- Born: 1983 (age 42–43) Pakistan
- Occupation: Businessman
- Known for: Kidnapping and rescue
- Spouse: Maheen Ghani (divorced) Neha Rajpoot (m. 2021)
- Parent(s): Salmaan Taseer (father, former Governor of Punjab, Pakistan
- Family: Taseer family

= Kidnapping of Shahbaz Taseer =

2011 kidnapping in Pakistan

Shahbaz Taseer is a Pakistani businessman, and the son of the former Governor of Punjab (Pakistan) Salman Taseer. In August 2011, following his father's assassination, he was kidnapped by militants in Lahore while he was driving to his office from home. Taseer was held in captivity for around four and a half years and was recovered from Kuchlak, Balochistan on 8 March 2016. Taseer's kidnapping was referred as one of the most high-profile kidnappings in Pakistan by The Guardian. BBC's HARDtalk interviewed Taseer about his days in captivity.
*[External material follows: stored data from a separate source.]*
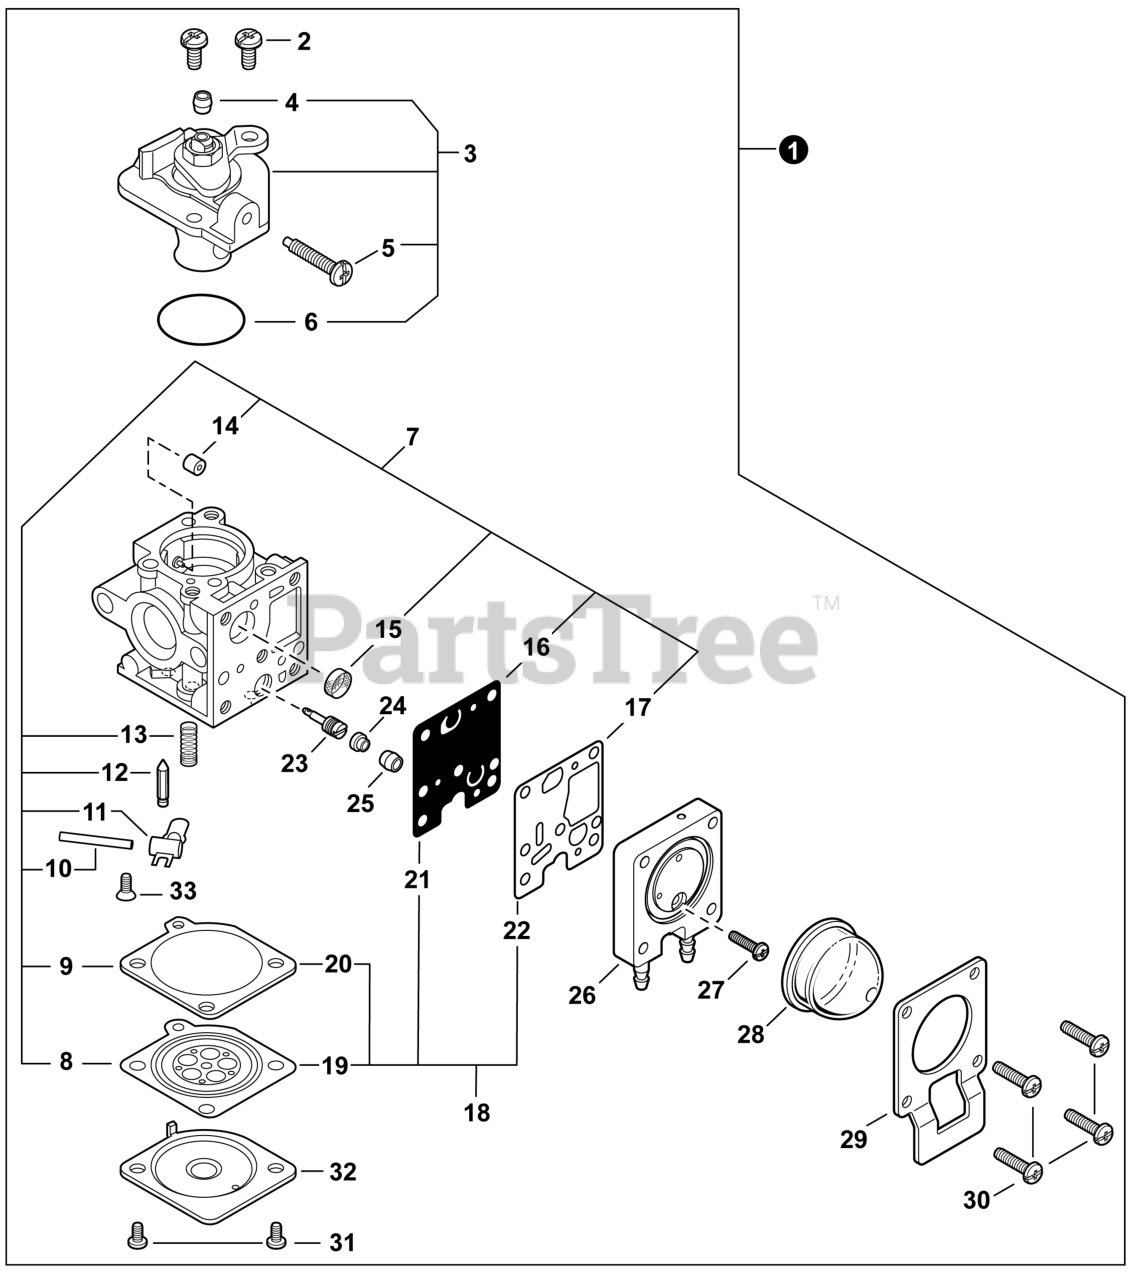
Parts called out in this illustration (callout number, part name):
1	CARBURETOR - Z011-0M(A)(B)
3	COVER ASSY, ROTOR
5	SCREW, IDLE ADJUST
7	REPAIR KIT, CARBURETOR
8	DIAPHRAGM, METERING
9	GASKET, METERING DIAPHRAGM
10	PIN, METERING LEVER
11	LEVER, METERING
12	VALVE, INLET NEEDLE
13	SPRING, METERING LEVER
14	GUIDE, ROLLER
15	SCREEN, FUEL INLET
16	DIAPHRAGM, PUMP
17	GASKET, PUMP
18	GASKET / DIAPHRAGM KIT
19	DIAPHRAGM, METERING
20	GASKET, METERING DIAPHRAGM
21	DIAPHRAGM, PUMP
22	GASKET, PUMP
23	NEEDLE, MIXTURE
24	CAP, LIMITER
26	BODY ASSY, PURGE
28	BULB, PURGE
29	RETAINER, PURGE BULB
32	COVER, METERING DIAPHRAGM
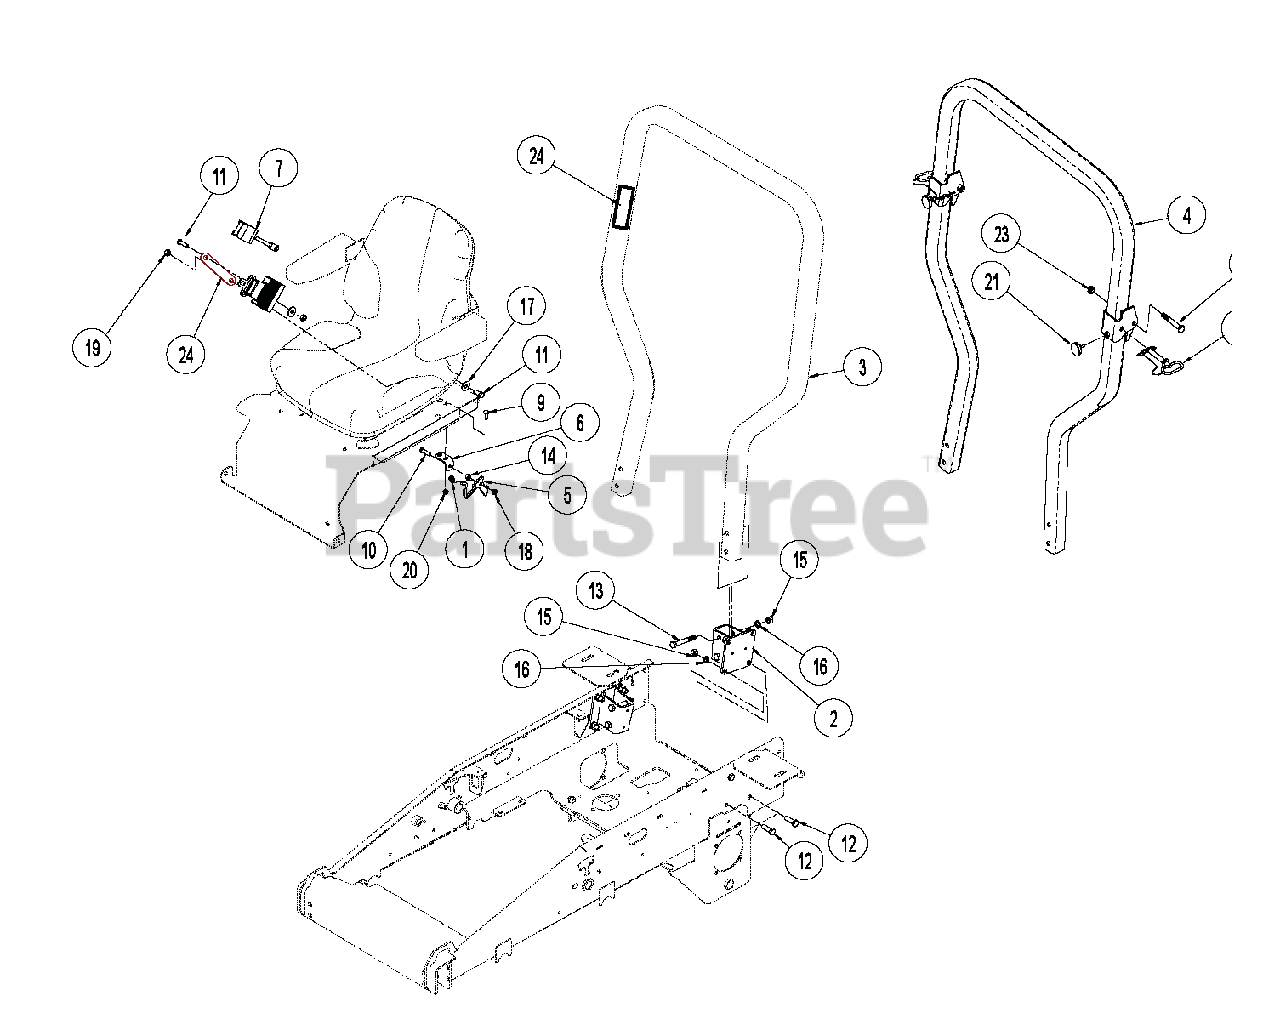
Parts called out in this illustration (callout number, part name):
1	SPRING, COM .600X.056X.875 Y
2	WLDT, ROPS MOUNT
3	ROPS, FEMCO FIXED HORNET
4	ROPS, FEMCO FOLDABLE HORNET
5	LATCH, HOOK
6	BRACKET, LATCH
7	ASSY, SEAT BELT
8	ASSY, ROPS LOCK PIN S/O
9	BOLT, 5/16-18X1.00 CRG 2 Y
10	BOLT, 3/8-16X1.25 HEX 5 Y
11	BOLT, 7/16-14X1.00 HEX 5 Y
12	BOLT, 1/2-13X1.50 HEX 5 Y
13	BOLT, 1/2-13X3.50 HEX 5 Y
14	NUT, 3/8-16 STD HEX GR5 Y
15	NUT, 1/2-13 STD HEX GR5 Y
16	WASHER, .500 MED SPRG LOCK Y
17	WASHER, .438 REG FLAT Y
18	LOCKNUT, 3/8-16 CROWN Y
19	LOCKNUT, 7/16-14 CROWN Y
20	LOCKNUT, 5/16-18 WHIZ Y
21	KNOB, ROUND 5/16-18 X .750
22	BOLT, 1/2-13X3.25 HEX 5 Y
23	LOCKNUT, 1/2-13 CENTER Y
24	DECAL, FEMCO ROPS DANGER
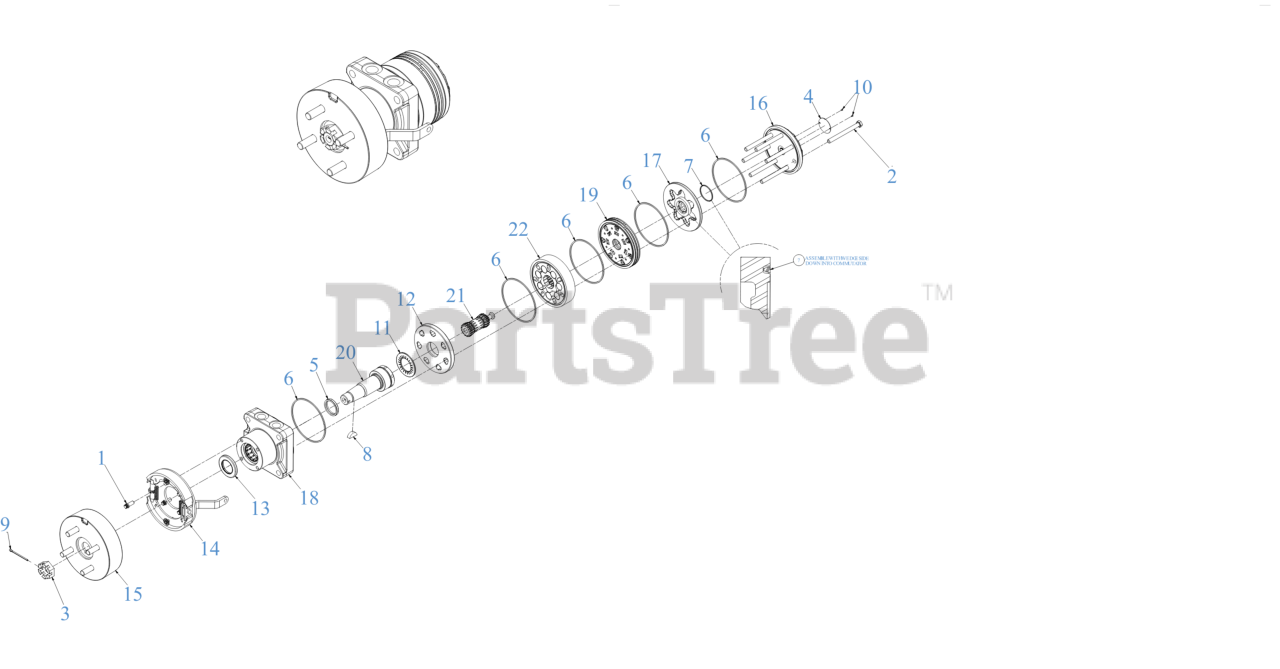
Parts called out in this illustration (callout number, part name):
1	SCREW-CAP (QTY 4)
2	SPECIAL BOLT 3/8-24 UNF-A2
3	HEX NUT 1-20 UNEF-28
4	IDENTIFICATION TAG
5	SHAFT SEAL
6	SEAL RING (BUNA)
7	COMMUTATOR SEAL
8	WOODRUFF KEY
9	COTTER PIN
11	THRUST BEARING
12	WEAR PLATE
13	DIRT & WATER SEAL
14	BRAKE ASSEMBLY
15	DRUM-4 BOLT BRAKE
17	COMMUTATOR ASSEMBLY
18	HOUSING ASSEMBLY
20	COUPLING SHAFT
22	ROTOR ASSEMBLY
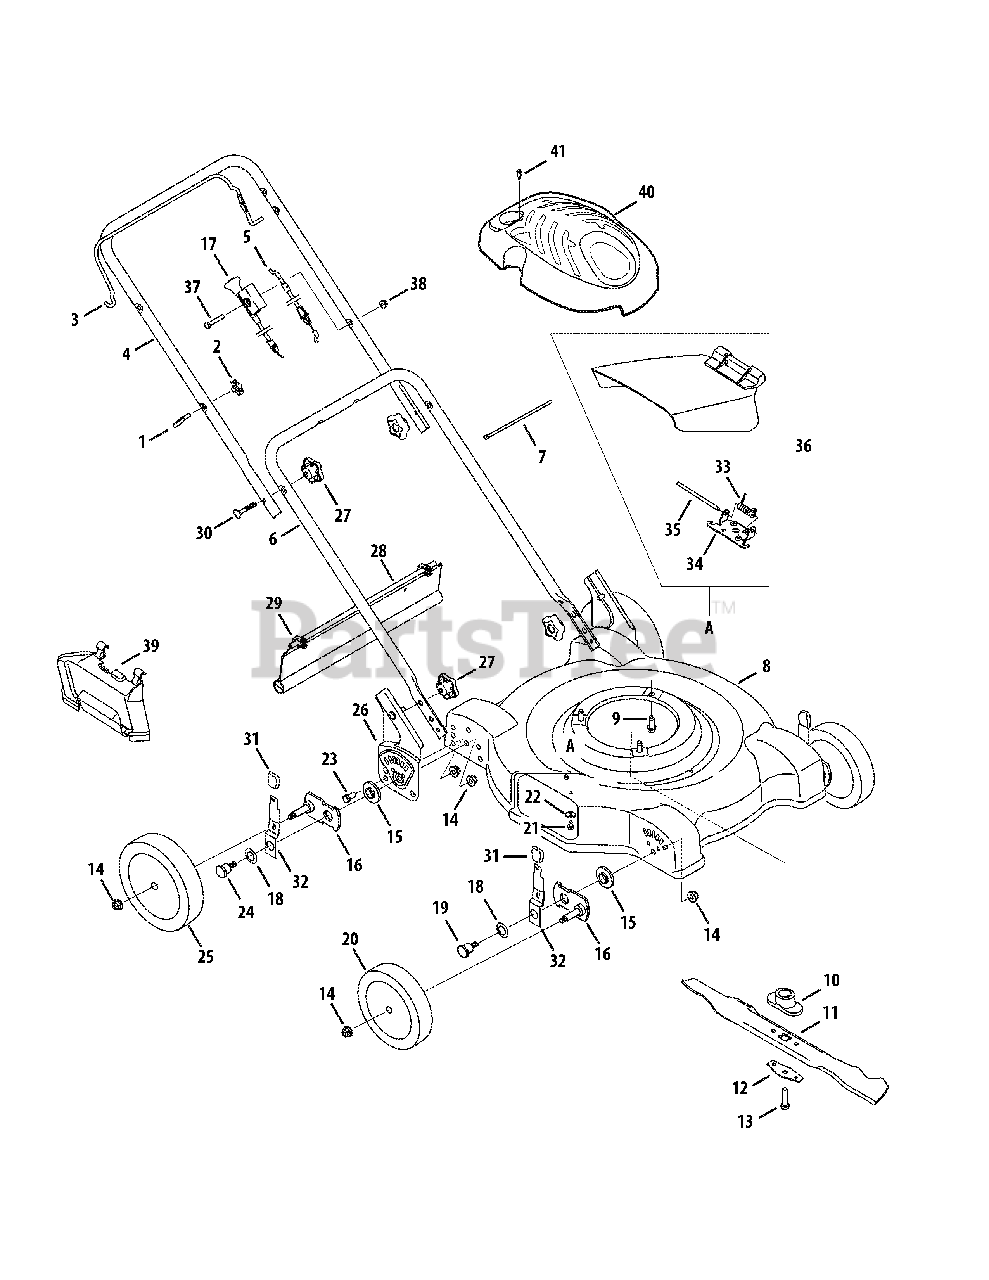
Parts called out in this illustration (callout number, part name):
1	Eye Bolt
2	Wing Nut
3	Blade Control Handle
4	Upper Handle
5	Control Cable
7	Cable Tie
8	Deck Assembly, 22"
9	TT Screw, 3/8-16 x 1.0
10	Blade Adapter
11	Standard Blade, 22"
11	Mulching Blade, 22"
12	Blade Bell Support
13	Screw, 3/8-24 x 1.5
14	Lock Nut, 3/8-16
15	Height Adjuster Bearing
16	Pivot Arm
17	Choke Cable
18	Bell Washer, .760 OD x 1.25 OD
19	Shoulder Screw
20	Front Wheel, 7 x 1.8, Bar
21	TT Screw, 1/4-20 x .5
22	Bell Washer, .265 ID x .75 OD
23	Screw, 3/8-16 x .75
24	Shoulder Screw
25	Rear Wheel, 8 x 1.8, Bar
26	Handle Bracket Assembly, RH
26	Handle Bracket Assembly, LH
27	Star Knob
28	Trailshield
29	Hinge Clip
30	Carriage Bolt, 5/16-18 x 2
31	Knob
32	Lever
33	Torsion Spring
34	Chute Hinge
35	Hinge Pin
36	Hinged Chute Deflector Ass’y.
37	Screw, 1/4-20 x 1.50
38	Nut, Flange Lock, 1/4-20
39	Mulching Baffle
40	Engine Shroud
41	Screw, HL, #12-16 x 1.00

In an interview, he mentioned that he was held by Uzbek militants, before eventually being passed to the Taliban.

== Life during hostage situation ==
During an interview, Shahbaz Taseer said: "I was ambushed by about five men... My first instinct was they were going to kill me. They drugged me five minutes after abducting me. I passed out - they had beaten me up very badly because I was moving and screaming while being drugged." He further mentioned that the militants used to beat him badly and his fingernails were pulled out. The militants also sewed his mouth shut and kept him starving for days.